Ultra-faint dwarf galaxies are the least luminous galaxies in the Universe. Their shallow potential wells make them highly sensitive to their internal, astrophysical processes, providing an ideal laboratory for testing how star formation occurs and is regulated across cosmic times. Meeting this promise, however, requires us to quantify the expected observables produced by each model in order to interpret findings from the next generation of deep, wide sky, surveys (e.g. LSST).
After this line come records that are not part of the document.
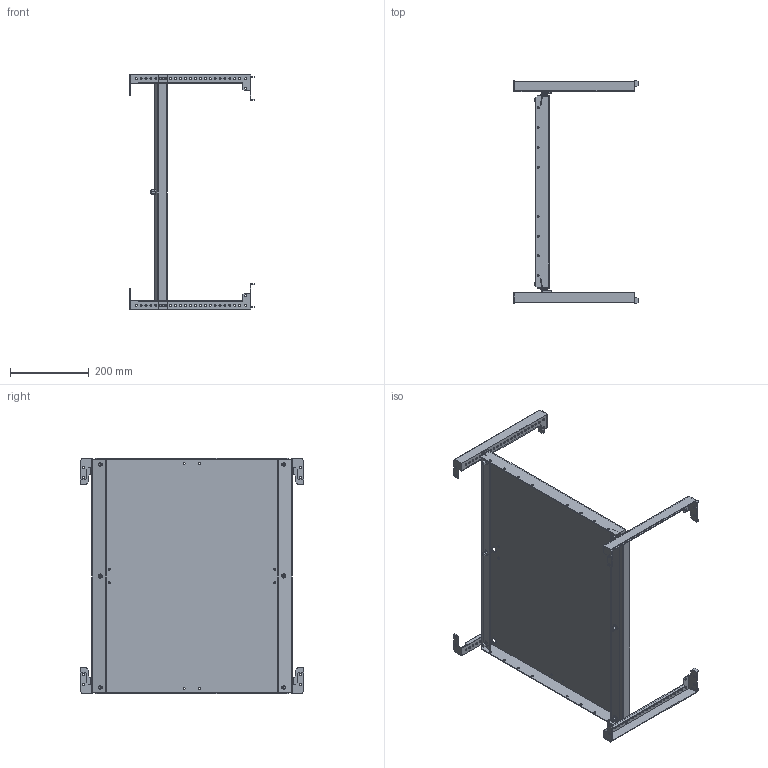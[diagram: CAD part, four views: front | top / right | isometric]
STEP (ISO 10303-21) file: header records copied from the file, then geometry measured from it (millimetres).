
FILE_DESCRIPTION (( 'STEP AP214' ), '1' );
FILE_NAME ('FO-00-MPU-045-080 Ïàíåëü ìîíòàæíàÿ óíèâåðñàëüíàÿ 450?800 ìì.STEP', '2025-07-16T07:08:14', ( '' ), ( '' ), 'SwSTEP 2.0', 'SolidWorks 2023', '' );
FILE_SCHEMA (( 'AUTOMOTIVE_DESIGN' ));
Length unit declared in the file: millimetre
Products named in the file (5): Траверса горизонтальная; FO-00-MPU-045-080 Панель монтажная универсальная 450×800 мм; Винты DIN 912 4xM6x20 450x800; Панель монтажная универсальная 450×800; Траверса горизонтальнаяD
Assembly tree (6 placements, depth 2):
  FO-00-MPU-045-080 Панель монтажная универсальная 450×800 мм
    Панель монтажная универсальная 450×800
    Винты DIN 912 4xM6x20 450x800
    Траверса горизонтальная  x2
    Траверса горизонтальнаяD  x2
Bounding box: 314.53 x 565.82 x 597 mm (x, y, z)
Volume: 1093604.4 mm3; surface area: 1116192.8 mm2
Topology: 9 solids, 15 shells, 1146 faces, 3064 edges, 2016 vertices
Faces by surface type: cylinder 516, plane 514, cone 76, torus 40
Entity records: 30511 total; most frequent: CARTESIAN_POINT 6615, DIRECTION 5076, ORIENTED_EDGE 4796, EDGE_CURVE 2398, AXIS2_PLACEMENT_3D 1865, VERTEX_POINT 1572, LINE 1346, VECTOR 1346
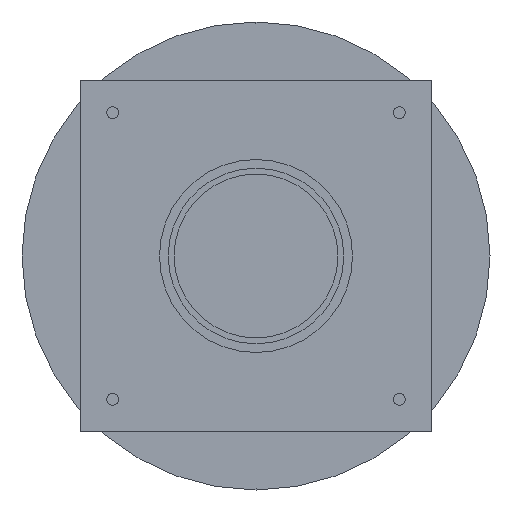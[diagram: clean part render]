
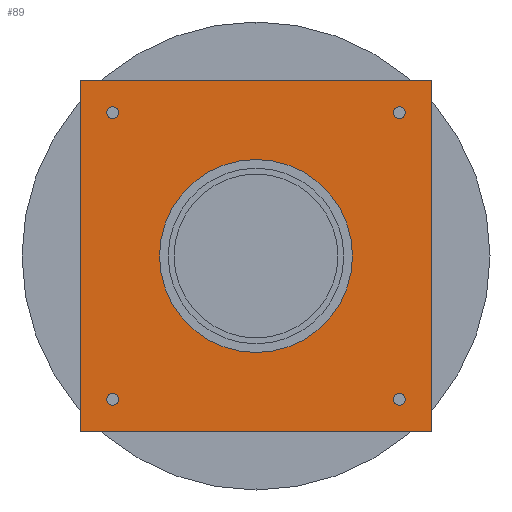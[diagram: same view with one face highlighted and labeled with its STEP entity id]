
A CAD part, front view. The second image highlights one B-rep face of the part: STEP entity #89.
In plain terms, the highlighted planar face has unit normal (0, -1, 0).
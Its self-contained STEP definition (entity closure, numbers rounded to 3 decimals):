
#89=ADVANCED_FACE('',(#187,#188,#189,#190,#191,#192),#193,.F.);
#187=FACE_OUTER_BOUND('',#298,.T.);
#188=FACE_BOUND('',#299,.T.);
#189=FACE_BOUND('',#300,.T.);
#190=FACE_BOUND('',#301,.T.);
#191=FACE_BOUND('',#302,.T.);
#192=FACE_BOUND('',#303,.T.);
#193=PLANE('',#304);
#298=EDGE_LOOP('',(#613,#614,#615,#616));
#299=EDGE_LOOP('',(#617,#618));
#300=EDGE_LOOP('',(#619,#620));
#301=EDGE_LOOP('',(#621,#622));
#302=EDGE_LOOP('',(#623,#624));
#303=EDGE_LOOP('',(#625,#626));
#304=AXIS2_PLACEMENT_3D('',#627,#628,#629);
#613=ORIENTED_EDGE('',*,*,#759,.T.);
#614=ORIENTED_EDGE('',*,*,#756,.F.);
#615=ORIENTED_EDGE('',*,*,#760,.F.);
#616=ORIENTED_EDGE('',*,*,#754,.F.);
#617=ORIENTED_EDGE('',*,*,#713,.T.);
#618=ORIENTED_EDGE('',*,*,#729,.T.);
#619=ORIENTED_EDGE('',*,*,#743,.T.);
#620=ORIENTED_EDGE('',*,*,#682,.T.);
#621=ORIENTED_EDGE('',*,*,#745,.T.);
#622=ORIENTED_EDGE('',*,*,#678,.T.);
#623=ORIENTED_EDGE('',*,*,#747,.T.);
#624=ORIENTED_EDGE('',*,*,#674,.T.);
#625=ORIENTED_EDGE('',*,*,#749,.T.);
#626=ORIENTED_EDGE('',*,*,#670,.T.);
#627=CARTESIAN_POINT('',(0.0,0.0,0.0));
#628=DIRECTION('',(0.0,1.0,0.0));
#629=DIRECTION('',(1.0,0.0,-0.0));
#670=EDGE_CURVE('',#774,#778,#780,.T.);
#674=EDGE_CURVE('',#782,#786,#788,.T.);
#678=EDGE_CURVE('',#790,#794,#796,.T.);
#682=EDGE_CURVE('',#798,#802,#804,.T.);
#713=EDGE_CURVE('',#863,#860,#864,.T.);
#729=EDGE_CURVE('',#860,#863,#889,.T.);
#743=EDGE_CURVE('',#802,#798,#903,.T.);
#745=EDGE_CURVE('',#794,#790,#905,.T.);
#747=EDGE_CURVE('',#786,#782,#907,.T.);
#749=EDGE_CURVE('',#778,#774,#909,.T.);
#754=EDGE_CURVE('',#916,#911,#918,.T.);
#756=EDGE_CURVE('',#920,#922,#923,.T.);
#759=EDGE_CURVE('',#916,#922,#927,.T.);
#760=EDGE_CURVE('',#911,#920,#928,.T.);
#774=VERTEX_POINT('',#942);
#778=VERTEX_POINT('',#947);
#780=CIRCLE('',#950,5.0);
#782=VERTEX_POINT('',#952);
#786=VERTEX_POINT('',#957);
#788=CIRCLE('',#960,5.0);
#790=VERTEX_POINT('',#962);
#794=VERTEX_POINT('',#967);
#796=CIRCLE('',#970,5.0);
#798=VERTEX_POINT('',#972);
#802=VERTEX_POINT('',#977);
#804=CIRCLE('',#980,5.0);
#860=VERTEX_POINT('',#1048);
#863=VERTEX_POINT('',#1052);
#864=CIRCLE('',#1053,82.5);
#889=CIRCLE('',#1083,82.5);
#903=CIRCLE('',#1097,5.0);
#905=CIRCLE('',#1099,5.0);
#907=CIRCLE('',#1101,5.0);
#909=CIRCLE('',#1103,5.0);
#911=VERTEX_POINT('',#1105);
#916=VERTEX_POINT('',#1112);
#918=LINE('',#1115,#1116);
#920=VERTEX_POINT('',#1118);
#922=VERTEX_POINT('',#1121);
#923=LINE('',#1122,#1123);
#927=LINE('',#1129,#1130);
#928=LINE('',#1131,#1132);
#942=CARTESIAN_POINT('',(-117.5,0.0,-122.5));
#947=CARTESIAN_POINT('',(-127.5,0.0,-122.5));
#950=AXIS2_PLACEMENT_3D('',#1160,#1161,#1162);
#952=CARTESIAN_POINT('',(127.5,0.0,-122.5));
#957=CARTESIAN_POINT('',(117.5,0.0,-122.5));
#960=AXIS2_PLACEMENT_3D('',#1168,#1169,#1170);
#962=CARTESIAN_POINT('',(-117.5,0.0,122.5));
#967=CARTESIAN_POINT('',(-127.5,0.0,122.5));
#970=AXIS2_PLACEMENT_3D('',#1176,#1177,#1178);
#972=CARTESIAN_POINT('',(127.5,0.0,122.5));
#977=CARTESIAN_POINT('',(117.5,0.0,122.5));
#980=AXIS2_PLACEMENT_3D('',#1184,#1185,#1186);
#1048=CARTESIAN_POINT('',(82.5,0.0,0.));
#1052=CARTESIAN_POINT('',(-82.5,0.0,0.));
#1053=AXIS2_PLACEMENT_3D('',#1251,#1252,#1253);
#1083=AXIS2_PLACEMENT_3D('',#1289,#1290,#1291);
#1097=AXIS2_PLACEMENT_3D('',#1331,#1332,#1333);
#1099=AXIS2_PLACEMENT_3D('',#1337,#1338,#1339);
#1101=AXIS2_PLACEMENT_3D('',#1343,#1344,#1345);
#1103=AXIS2_PLACEMENT_3D('',#1349,#1350,#1351);
#1105=CARTESIAN_POINT('',(150.0,0.0,150.0));
#1112=CARTESIAN_POINT('',(-150.0,0.0,150.0));
#1115=CARTESIAN_POINT('',(0.0,0.0,150.0));
#1116=VECTOR('',#1358,1.0);
#1118=CARTESIAN_POINT('',(150.0,0.0,-150.0));
#1121=CARTESIAN_POINT('',(-150.0,0.0,-150.0));
#1122=CARTESIAN_POINT('',(0.0,0.0,-150.0));
#1123=VECTOR('',#1360,1.0);
#1129=CARTESIAN_POINT('',(-150.0,0.0,0.0));
#1130=VECTOR('',#1363,1.0);
#1131=CARTESIAN_POINT('',(150.0,0.0,0.0));
#1132=VECTOR('',#1364,1.0);
#1160=CARTESIAN_POINT('',(-122.5,0.0,-122.5));
#1161=DIRECTION('',(-0.0,1.0,0.0));
#1162=DIRECTION('',(1.0,0.0,0.0));
#1168=CARTESIAN_POINT('',(122.5,0.0,-122.5));
#1169=DIRECTION('',(-0.0,1.0,0.0));
#1170=DIRECTION('',(1.0,0.0,0.0));
#1176=CARTESIAN_POINT('',(-122.5,0.0,122.5));
#1177=DIRECTION('',(-0.0,1.0,0.0));
#1178=DIRECTION('',(1.0,0.0,0.0));
#1184=CARTESIAN_POINT('',(122.5,0.0,122.5));
#1185=DIRECTION('',(-0.0,1.0,0.0));
#1186=DIRECTION('',(1.0,0.0,0.0));
#1251=CARTESIAN_POINT('',(0.0,0.0,0.0));
#1252=DIRECTION('',(-0.0,1.0,0.0));
#1253=DIRECTION('',(1.0,0.0,0.0));
#1289=CARTESIAN_POINT('',(0.0,0.0,0.0));
#1290=DIRECTION('',(-0.0,1.0,0.0));
#1291=DIRECTION('',(1.0,0.0,0.0));
#1331=CARTESIAN_POINT('',(122.5,0.0,122.5));
#1332=DIRECTION('',(-0.0,1.0,0.0));
#1333=DIRECTION('',(1.0,0.0,0.0));
#1337=CARTESIAN_POINT('',(-122.5,0.0,122.5));
#1338=DIRECTION('',(-0.0,1.0,0.0));
#1339=DIRECTION('',(1.0,0.0,0.0));
#1343=CARTESIAN_POINT('',(122.5,0.0,-122.5));
#1344=DIRECTION('',(-0.0,1.0,0.0));
#1345=DIRECTION('',(1.0,0.0,0.0));
#1349=CARTESIAN_POINT('',(-122.5,0.0,-122.5));
#1350=DIRECTION('',(-0.0,1.0,0.0));
#1351=DIRECTION('',(1.0,0.0,0.0));
#1358=DIRECTION('',(1.0,0.0,0.0));
#1360=DIRECTION('',(-1.0,0.0,0.0));
#1363=DIRECTION('',(0.0,0.0,-1.0));
#1364=DIRECTION('',(0.0,0.0,-1.0));

To pursue this quantification, I present multiple re-simulations of a low-mass dark matter halo, each with a systematic variation in interstellar medium modelling. Each simulation is evolved through hydrodynamical, cosmological zoomed simulations capable of resolving the explosions of individual supernovae, and is complemented in turn by (i) a stellar initial mass function systematically varying with gas metallicity and (ii) the account of photo-ionisation feedback from young stars using radiative transfer. Comparing simulations between each other, we construct a causal account between these physical processes and the dwarf's observables today. We show how a metallicity-dependent initial mass function provides a particularly interesting avenue to explain the challengingly-high iron contents within ultra-faint dwarfs.